Recently I’ve been thinking a lot about the concept of migration – moving towards some things and away from others. The ways in which we shift, change and create patterns, rituals and repetition. 

Creating intersections, remembering, and archiving the parts that are left behind, my work takes the form of sewn collages on paper, bringing together fragments of material, paper, and found objects – or casts of those objects. 

I’ve always been interested in the perpetuation of relationships between people and the exploration of families, place, narrative and language. Concerned with documentation and preservation, my work is personal in concept, yet quirky and humorous in delivery. 

Johanna Norry: My work employs the traditional techniques of weaving, hand knitting, coiling, embroidery and stitching. Often I create work that combines comforting materials with unexpected forms. I take a similar approach when I am collaging and working with photos, whether family snaps or found images, or mining memories – working with real and metaphorical archives. 

My artistic process is to respond to my research in a way that culminates with art and installations that are themselves a sort of documentation, whether an accumulation or manipulation of evidence. The resulting work might appear incomplete, and distorted, with only a fraction of the truth remaining, as revealed by my material interpretations. 

I used to see my textile work and my collage work as separate. Recently, those lines began to blur. It began with appliqué textile collage and quilted portraits, and morphed into woven photos, piecing together my hand woven and hand knitted material in the same manner as I might assemble various photos and papers into a more traditional collage. 

The metaphors of weaving, stitching and collage are always at the forefront of my art making thought process. My work is usually about my inner life, my identity, my values and obsessions, my connection to my family and ancestors, and I combine disparate parts as a way of illustrating how I am made up inside – different parts, different experiences and different inheritances, sometimes cohesive and sometimes incongruous. 

Johanna Norry, Sometimes, It Just Fits, 2023. 76cm x 18cm (30" x 7"). Hand weaving, hand dyeing, piecing. Hand woven organic cotton warp and weft.
Johanna Norry, Sometimes, It Just Fits, 2023. 76cm x 18cm (30″ x 7″). Hand weaving, hand dyeing, piecing. Hand woven organic cotton warp and weft.
Johanna Norry, Sometimes, It Just Fits (detail), 2023. 76cm x 18cm (30" x 7"). Hand weaving, hand dyeing piecing. Handwoven organic cotton warp and weft.
Johanna Norry, Sometimes, It Just Fits (detail), 2023. 76cm x 18cm (30″ x 7″). Hand weaving, hand dyeing piecing. Handwoven organic cotton warp and weft.
Amanda Britton, A Sea of Sinister Dots (detail), 2023. 274cm x 3cm (9' x 1"). Assemblage. Cotton, wool, shells, resin, coral, cigarette.
Amanda Britton, A Sea of Sinister Dots (detail), 2023. 274cm x 3cm (9′ x 1″). Assemblage. Cotton, wool, shells, resin, coral, cigarette.
Amanda Britton, A Sea of Sinister Dots, 2023. 274cm x 3cm (9' x 1"). Assemblage. Cotton, wool, shells, resin, coral, cigarette.
Amanda Britton, A Sea of Sinister Dots, 2023. 274cm x 3cm (9′ x 1″). Assemblage. Cotton, wool, shells, resin, coral, cigarette.

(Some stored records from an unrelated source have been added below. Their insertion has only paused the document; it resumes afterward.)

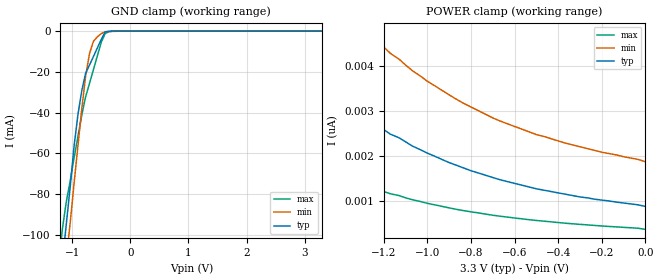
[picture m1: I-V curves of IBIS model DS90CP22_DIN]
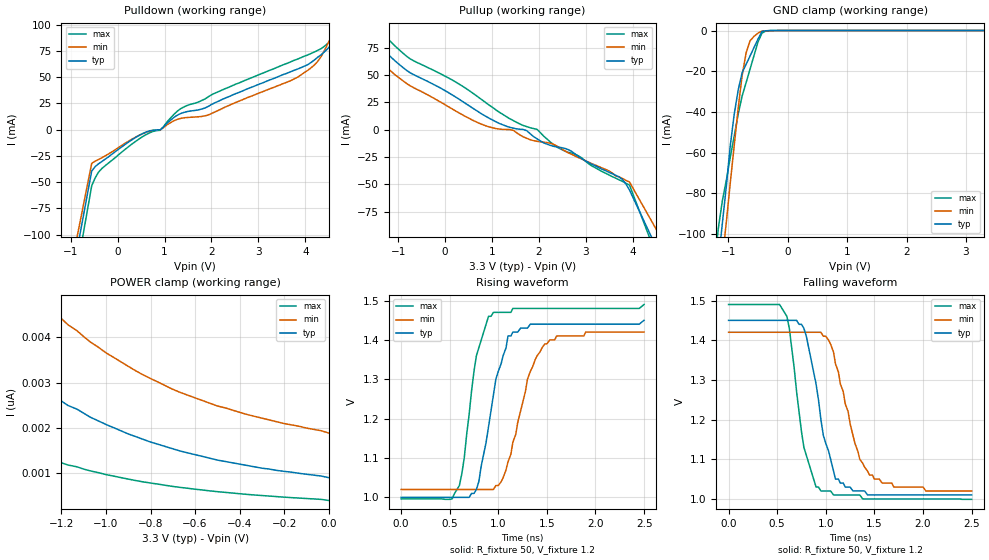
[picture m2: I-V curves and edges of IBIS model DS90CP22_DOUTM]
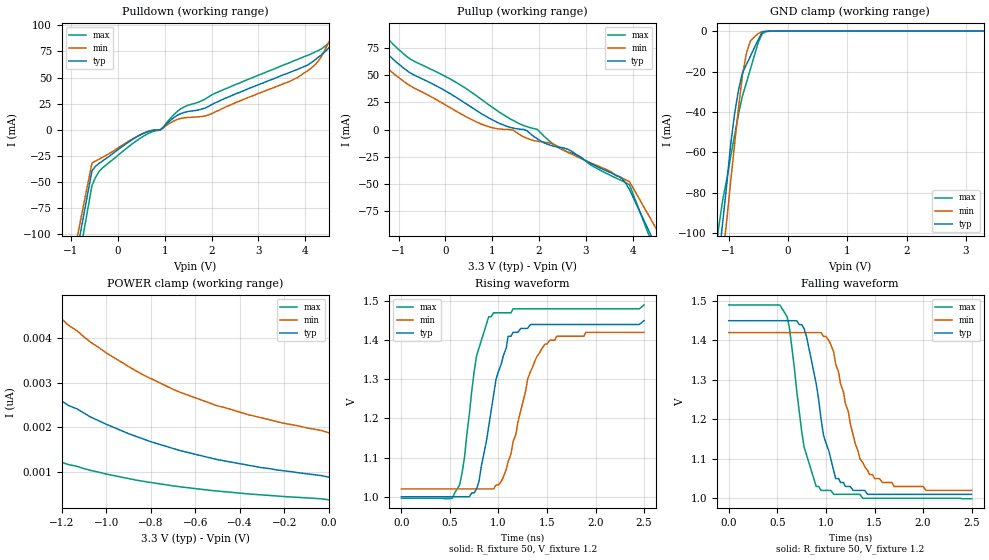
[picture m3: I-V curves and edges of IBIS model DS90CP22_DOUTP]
|   National Semiconductor Corporation
|   IBIS Model of DS90CP22M8
|   2 X 2 800 Mbps LVDS Crosspoint Switch
|   16 Lead SOIC Package
[IBIS Ver]   3.2
[Comment Char]   |_char
[File name]   ds90cp22m8.ibs
[File Rev]   2.2
[Date]   12/19/03
[Source]
SPICE to IBIS Translation
[Notes]
Created by Tim Coyle
Rev. 2.2:
- DOUT models completely re-done for the 100 ohm load (by DG)
Rev. 2.1:
- Changed Rref from 75 Ohms to 37.5 Ohms for DOUTP Model
[Disclaimer]
(C) Copyright National Semiconductor Corporation 2002
   All rights reserved
   National Semiconductor Corporation hereby grants
the user of this IBIS model a non-exclusive, nontransferable
license to use this IBIS model under the following terms.
Before using this IBIS model, the user should read this
license.  If the user does not accept these terms,  the
IBIS model should be returned to National within 30 days.
   The user is granted this license only to use the
IBIS model and is not granted rights to sell, load, rent,
lease or license the IBIS model in whole or in part, or in
modified form to anyone other than user. User may modify
the IBIS model to suit its specific applications but rights
to derivative works and such modifications shall belong to
National.
   This IBIS model is provided on an "AS IS" basis and
National makes absolutely no warranty with respect to the
information contained herein.NATIONAL DISCLAIMS AND CUSTOMER
WAIVES ALL WARRANTIES, EXPRESS OR IMPLIED, INCLUDING
WARRANTIES OF MERCHANTABILITY OR FITNESS FOR A PARTICULAR
PURPOSE. The entire risk as to quality and performance is
with the Customer. ACCORDINGLY, IN NO EVENT SHALL THE
COMPANY BE LIABLE FOR ANY DAMAGES, WHETHER IN CONTRACT OR
TORT,INCLUDING ANY LOST PROFITS OR OTHER INCIDENTAL,
CONSEQUENTIAL, EXEMPLARY, OR PUNITIVE DAMAGES ARISING OUT
OF THE USE OR APPLICATION OF THE IBIS model provided in
this package.Further, National reserves the right to make
changes without notice to any product herein to improve
reliability, function, or design. National does not convey
any license under patent rights or any other intellectual
property rights, including those of third parties.
   National is not obligated to provide maintenance or support
for the licensed IBIS model.
Contact National at ATTN:INTERFACE APPLICATIONS/IBIS MODELS.
5 Foden Road, M/S 03-03, South Porltand, ME 04106
(207) 541-6031
[Copyright]
(c) Copyright 2002 National Semiconductor Corp.
[Component]   DS90CP22M8
Si_location Pin
Timing_location Pin
[Manufacturer]   National Semiconductor Corp.
[Package]
|   TYP   MIN   MAX
R_pkg   50.0m   50.0m   50.0m
L_pkg   1.37nH   0.95n   2.07n
C_pkg   0.26pF   0.146p   0.429p
[Pin]   signal_name   model_name   R_pin   L_pin   C_pin
1   SEL1   DS90CP22_CONTROL   50.0m   2.07n   0.429p
2   SEL0   DS90CP22_CONTROL   50.0m   1.49n   0.306p
3   IN0+   DS90CP22_DIN   50.0m   0.95n   0.146p
4   IN0-   DS90CP22_DIN   50.0m   0.95n   0.152p
5   VCC   POWER   50.0m   0.95n   0.152p
6   IN1+   DS90CP22_DIN   50.0m   0.95n   0.146p
7   IN1-   DS90CP22_DIN   50.0m   1.49n   0.306p
8   NC   NC   50.0m   2.07n   0.429p
9   NC   NC   50.0m   2.07n   0.429p
10   OUT1-   DS90CP22_DOUTM   50.0m   1.49n   0.306p
11   OUT1+   DS90CP22_DOUTP   50.0m   0.95n   0.146p
12   GND   GND   50.0m   0.95n   0.152p
13   OUT0-   DS90CP22_DOUTM   50.0m   0.95n   0.152p
14   OUT0+   DS90CP22_DOUTP   50.0m   0.95n   0.146p
15   EN1   DS90CP22_CONTROL   50.0m   1.49n   0.306p
16   EN0   DS90CP22_CONTROL   50.0m   2.07n   0.429p
[Diff Pin] inv_pin vdiff   tdelay_typ tdelay_min tdelay_max
| The '+' pin is Diff_pin and the '-' pin is the inv_pin
| Vth/Vtl of Reciever = 100mv
3   4   100mv   0   0   0
6   7   100mv   0   0   0
11   10   0   0   0   0
14   13   0   0   0   0
| Models and submodels in the file (4): DS90CP22_DIN (Input), DS90CP22_DOUTM (3-state), DS90CP22_DOUTP (3-state), DS90CP22_CONTROL (Input)
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[Model]   DS90CP22_DIN
Model_type Input
Vinh=.1
Vinl=-.1
C_comp   2.49pF   2.49pF   2.49pF
[Temperature Range] 25   85   -40
[Voltage Range]   3.3   3.0   3.6
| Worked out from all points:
|   GND clamp passes 1 mA (typ) near -0.44 V on its own axis
[GND Clamp]
|V(groundclamp)   I(typ)   I(min)   I(max)
-3.3V     -803mA     -823mA     -782mA
-1.17V    -114mA     -132mA     -97.7mA
-1.1V     -94.8mA    -112mA     -83.7mA
-1.03V    -75.7mA    -93.4mA    -73.1mA
-967mV    -56.7mA    -75mA      -62.4mA
-900mV    -41.1mA    -56.5mA    -51.8mA
-833mV    -29.2mA    -38.1mA    -41.1mA
-767mV    -20.7mA    -22.1mA    -32.2mA
-700mV    -16.6mA    -11mA      -25.6mA
-633mV    -12.5mA    -5.01mA    -18.9mA
-433mV    -470uA     -263uA     -1.31mA
3.3V      923pA      1.92nA     295pA
[POWER Clamp]
|Vtable   I(typ)   I(min)   I(max)
-3.3V     38.3nA     45.4nA     26.1nA
-2.17V    9.04nA     12.9nA     4.91nA
-2.13V    8.68nA     12.5nA     4.68nA
-2.07V    7.94nA     11.6nA     4.23nA
-1.87V    6.06nA     9.14nA     3.12nA
-1.7V     4.86nA     7.56nA     2.44nA
-1.47V    3.61nA     5.85nA     1.75nA
-1.27V    2.82nA     4.74nA     1.34nA
-1V       2.07nA     3.66nA     958pA
-700mV    1.53nA     2.85nA     695pA
-500mV    1.28nA     2.48nA     579pA
0V        889pA      1.88nA     383pA
[Model]   DS90CP22_DOUTM
Model_type 3-state
Enable Active-High
Polarity Inverting
Vref=1.2
Vmeas=1.2
Rref=50   | 100 Ohms Across Outputs OUTP and OUTM
Cref=5p
C_comp   3.493pF   3.493pF   3.493pF
[Temperature Range] 25   85   -40
[Voltage Range]   3.3   3.0   3.6
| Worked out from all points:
|   slope of the pulldown table from 0 to 0.495 V, typ, clamps not added: 33.8 ohm
|   slope of the pullup table from 0 to 0.495 V, typ, clamps not added: 37.2 ohm
|   GND clamp passes 1 mA (typ) near -0.44 V on its own axis
|   falling waveform, R_fixture 50, V_fixture 1.2: 20-80 % time 212ps typ, 250ps min, 172ps max; typ from 1.45 V to 1.01 V
|   rising waveform, R_fixture 50, V_fixture 1.2: 20-80 % time 217ps typ, 250ps min, 167ps max; typ from 1 V to 1.45 V
[Pullup]
|Vtable   I(typ)   I(min)   I(max)
-3.3V     282mA      249mA      331mA
-1.69V    113mA      101mA      125mA
-1.62V    104mA      93.1mA     115mA
-1.48V    87.5mA     77.5mA     98.1mA
-1.26V    70.3mA     58.2mA     84.4mA
-1.04V    61.8mA     49.2mA     75.3mA
569mV     20.2mA     9.05mA     34mA
1.96V     -8.33mA    -10.6mA    315uA
2.32V     -15.2mA    -13.5mA    -13.9mA
3.56V     -40.2mA    -39.4mA    -42.8mA
3.93V     -55.1mA    -47.8mA    -50.6mA
6.6V      -300mA     -250mA     -350mA
[Pulldown]
|V(pulldown)   I(typ)   I(min)   I(max)
-3.3V     -700mA     -650mA     -750mA
-554mV    -39.4mA    -32mA      -53.4mA
-335mV    -30.2mA    -26.6mA    -36.8mA
468mV     -5.17mA    -5.08mA    -8.42mA
906mV     -142uA     -92.7uA    -509uA
1.34V     15.4mA     10.8mA     20mA
1.93V     22.2mA     14.1mA     31.3mA
3.83V     57.7mA     49.9mA     67.2mA
4.26V     68.9mA     64.9mA     75.5mA
4.7V      94.1mA     103mA      91.8mA
4.85V     110mA      116mA      100mA
6.6V      249mA      159mA      346mA
[GND Clamp]
-3.3V     -803mA     -823mA     -782mA
-1.17V    -114mA     -132mA     -97.7mA
-1.1V     -94.8mA    -112mA     -83.7mA
-1.03V    -75.7mA    -93.4mA    -73.1mA
-967mV    -56.7mA    -75mA      -62.4mA
-900mV    -41.1mA    -56.5mA    -51.8mA
-833mV    -29.2mA    -38.1mA    -41.1mA
-767mV    -20.7mA    -22.1mA    -32.2mA
-700mV    -16.6mA    -11mA      -25.6mA
-633mV    -12.5mA    -5.01mA    -18.9mA
-433mV    -470uA     -263uA     -1.31mA
3.3V      923pA      1.92nA     295pA
[POWER Clamp]
-3.3V     38.3nA     45.4nA     26.1nA
-2.17V    9.04nA     12.9nA     4.91nA
-2.13V    8.68nA     12.5nA     4.68nA
-2.07V    7.94nA     11.6nA     4.23nA
-1.87V    6.06nA     9.14nA     3.12nA
-1.7V     4.86nA     7.56nA     2.44nA
-1.47V    3.61nA     5.85nA     1.75nA
-1.27V    2.82nA     4.74nA     1.34nA
-1V       2.07nA     3.66nA     958pA
-700mV    1.53nA     2.85nA     695pA
-500mV    1.28nA     2.48nA     579pA
0V        889pA      1.88nA     383pA
[Ramp]
dV/dt_r   240mV/.292ns   200mV/.430ns   280mV/.220ns
dV/dt_f   240mv/.300ns   200mv/.400ns   280mv/.220ns
R_load=50
[Falling Waveform]
R_fixture=50
V_fixture=1.2
V_fixture_min=1.2
V_fixture_max=1.2
| Time   V(typ)  V(min)  V(max)
0s        1.45V      1.42V      1.49V
525ps     1.45V      1.42V      1.49V
600ps     1.45V      1.42V      1.46V
775ps     1.43V      1.42V      1.13V
900ps     1.29V      1.42V      1.03V
950ps     1.2V       1.42V      1.02V
1.1ns     1.05V      1.34V      1.01V
1.3ns     1.02V      1.14V      1.01V
1.45ns    1.01V      1.06V      1V
2.5ns     1.01V      1.02V      999mV
[Rising Waveform]
R_fixture=50
V_fixture=1.2
V_fixture_min=1.2
V_fixture_max=1.2
| Time   V(typ)  V(min)  V(max)
0s        1V         1.02V      996mV
525ps     1V         1.02V      996mV
600ps     1V         1.02V      1.03V
650ps     1V         1.02V      1.1V
775ps     1.02V      1.02V      1.36V
950ps     1.26V      1.02V      1.47V
1.1ns     1.41V      1.09V      1.47V
1.3ns     1.43V      1.3V       1.48V
1.48ns    1.44V      1.39V      1.48V
2.5ns     1.45V      1.42V      1.49V
[Model]   DS90CP22_DOUTP
Model_type 3-state
Enable Active-High
Polarity Non-Inverting
Vref=1.2
Vmeas=1.2
Rref=50   | 100 ohms across outputs OUTP and OUTM
Cref=5p
C_comp   3.493pF   3.493pF   3.493pF
[Temperature Range] 25   85   -40
[Voltage Range]   3.3   3.0   3.6
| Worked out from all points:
|   slope of the pulldown table from 0 to 0.495 V, typ, clamps not added: 33.8 ohm
|   slope of the pullup table from 0 to 0.495 V, typ, clamps not added: 37.2 ohm
|   GND clamp passes 1 mA (typ) near -0.44 V on its own axis
|   falling waveform, R_fixture 50, V_fixture 1.2: 20-80 % time 212ps typ, 250ps min, 172ps max; typ from 1.45 V to 1.01 V
|   rising waveform, R_fixture 50, V_fixture 1.2: 20-80 % time 217ps typ, 250ps min, 167ps max; typ from 1 V to 1.45 V
[Pullup]
|Vtable   I(typ)   I(min)   I(max)
-3.3V     282mA      249mA      331mA
-1.69V    113mA      101mA      125mA
-1.62V    104mA      93.1mA     115mA
-1.48V    87.5mA     77.5mA     98.1mA
-1.26V    70.3mA     58.2mA     84.4mA
-1.04V    61.8mA     49.2mA     75.3mA
569mV     20.2mA     9.05mA     34mA
1.96V     -8.33mA    -10.6mA    315uA
2.32V     -15.2mA    -13.5mA    -13.9mA
3.56V     -40.2mA    -39.4mA    -42.8mA
3.93V     -55.1mA    -47.8mA    -50.6mA
6.6V      -300mA     -250mA     -350mA
[Pulldown]
|V(pulldown)   I(typ)   I(min)   I(max)
-3.3V     -700mA     -650mA     -750mA
-554mV    -39.4mA    -32mA      -53.4mA
-335mV    -30.2mA    -26.6mA    -36.8mA
468mV     -5.17mA    -5.08mA    -8.42mA
906mV     -142uA     -92.7uA    -509uA
1.34V     15.4mA     10.8mA     20mA
1.93V     22.2mA     14.1mA     31.3mA
3.83V     57.7mA     49.9mA     67.2mA
4.26V     68.9mA     64.9mA     75.5mA
4.7V      94.1mA     103mA      91.8mA
4.85V     110mA      116mA      100mA
6.6V      249mA      159mA      346mA
[GND Clamp]
-3.3V     -803mA     -823mA     -782mA
-1.17V    -114mA     -132mA     -97.7mA
-1.1V     -94.8mA    -112mA     -83.7mA
-1.03V    -75.7mA    -93.4mA    -73.1mA
-967mV    -56.7mA    -75mA      -62.4mA
-900mV    -41.1mA    -56.5mA    -51.8mA
-833mV    -29.2mA    -38.1mA    -41.1mA
-767mV    -20.7mA    -22.1mA    -32.2mA
-700mV    -16.6mA    -11mA      -25.6mA
-633mV    -12.5mA    -5.01mA    -18.9mA
-433mV    -470uA     -263uA     -1.31mA
3.3V      923pA      1.92nA     295pA
[POWER Clamp]
-3.3V     38.3nA     45.4nA     26.1nA
-2.17V    9.04nA     12.9nA     4.91nA
-2.13V    8.68nA     12.5nA     4.68nA
-2.07V    7.94nA     11.6nA     4.23nA
-1.87V    6.06nA     9.14nA     3.12nA
-1.7V     4.86nA     7.56nA     2.44nA
-1.47V    3.61nA     5.85nA     1.75nA
-1.27V    2.82nA     4.74nA     1.34nA
-1V       2.07nA     3.66nA     958pA
-700mV    1.53nA     2.85nA     695pA
-500mV    1.28nA     2.48nA     579pA
0V        889pA      1.88nA     383pA
[Ramp]
dV/dt_r   240mV/.292ns   200mV/.430ns   280mV/.220ns
dV/dt_f   240mv/.300ns   200mv/.400ns   280mv/.220ns
R_load=50
[Falling Waveform]
R_fixture=50
V_fixture=1.2
V_fixture_min=1.2
V_fixture_max=1.2
| Time   V(typ)  V(min)  V(max)
0s        1.45V      1.42V      1.49V
525ps     1.45V      1.42V      1.49V
600ps     1.45V      1.42V      1.46V
775ps     1.43V      1.42V      1.13V
900ps     1.29V      1.42V      1.03V
950ps     1.2V       1.42V      1.02V
1.1ns     1.05V      1.34V      1.01V
1.3ns     1.02V      1.14V      1.01V
1.45ns    1.01V      1.06V      1V
2.5ns     1.01V      1.02V      999mV
[Rising Waveform]
R_fixture=50
V_fixture=1.2
V_fixture_min=1.2
V_fixture_max=1.2
| Time   V(typ)  V(min)  V(max)
0s        1V         1.02V      996mV
525ps     1V         1.02V      996mV
600ps     1V         1.02V      1.03V
650ps     1V         1.02V      1.1V
775ps     1.02V      1.02V      1.36V
950ps     1.26V      1.02V      1.47V
1.1ns     1.41V      1.09V      1.47V
1.3ns     1.43V      1.3V       1.48V
1.48ns    1.44V      1.39V      1.48V
2.5ns     1.45V      1.42V      1.49V

What initially attracted you to textiles as a medium? 

Amanda: My mother, Heather Britton, ignited my passion for textile art and design. I grew up falling asleep to the hum of her sewing machine – she’s a novice sewer and also worked in the carpet industry for more than 40 years. 

Johanna: My husband’s mother was a textile artist and weaver, with a weaving studio in Rochester, New York. She had several weavers who came to her studio each day to weave her commissions. Sadly, she died from cancer just a few years after I met her. I inherited everything from her studio including her loom, her tools, her yarn and her notes. 

I was pregnant at the time and the last thing I had time for was learning to weave. It all went into storage and I made myself a promise that I would learn to weave on the same schedule she did When my son turned five, I signed up for a weaving class. I was immediately hooked and took classes for several years. 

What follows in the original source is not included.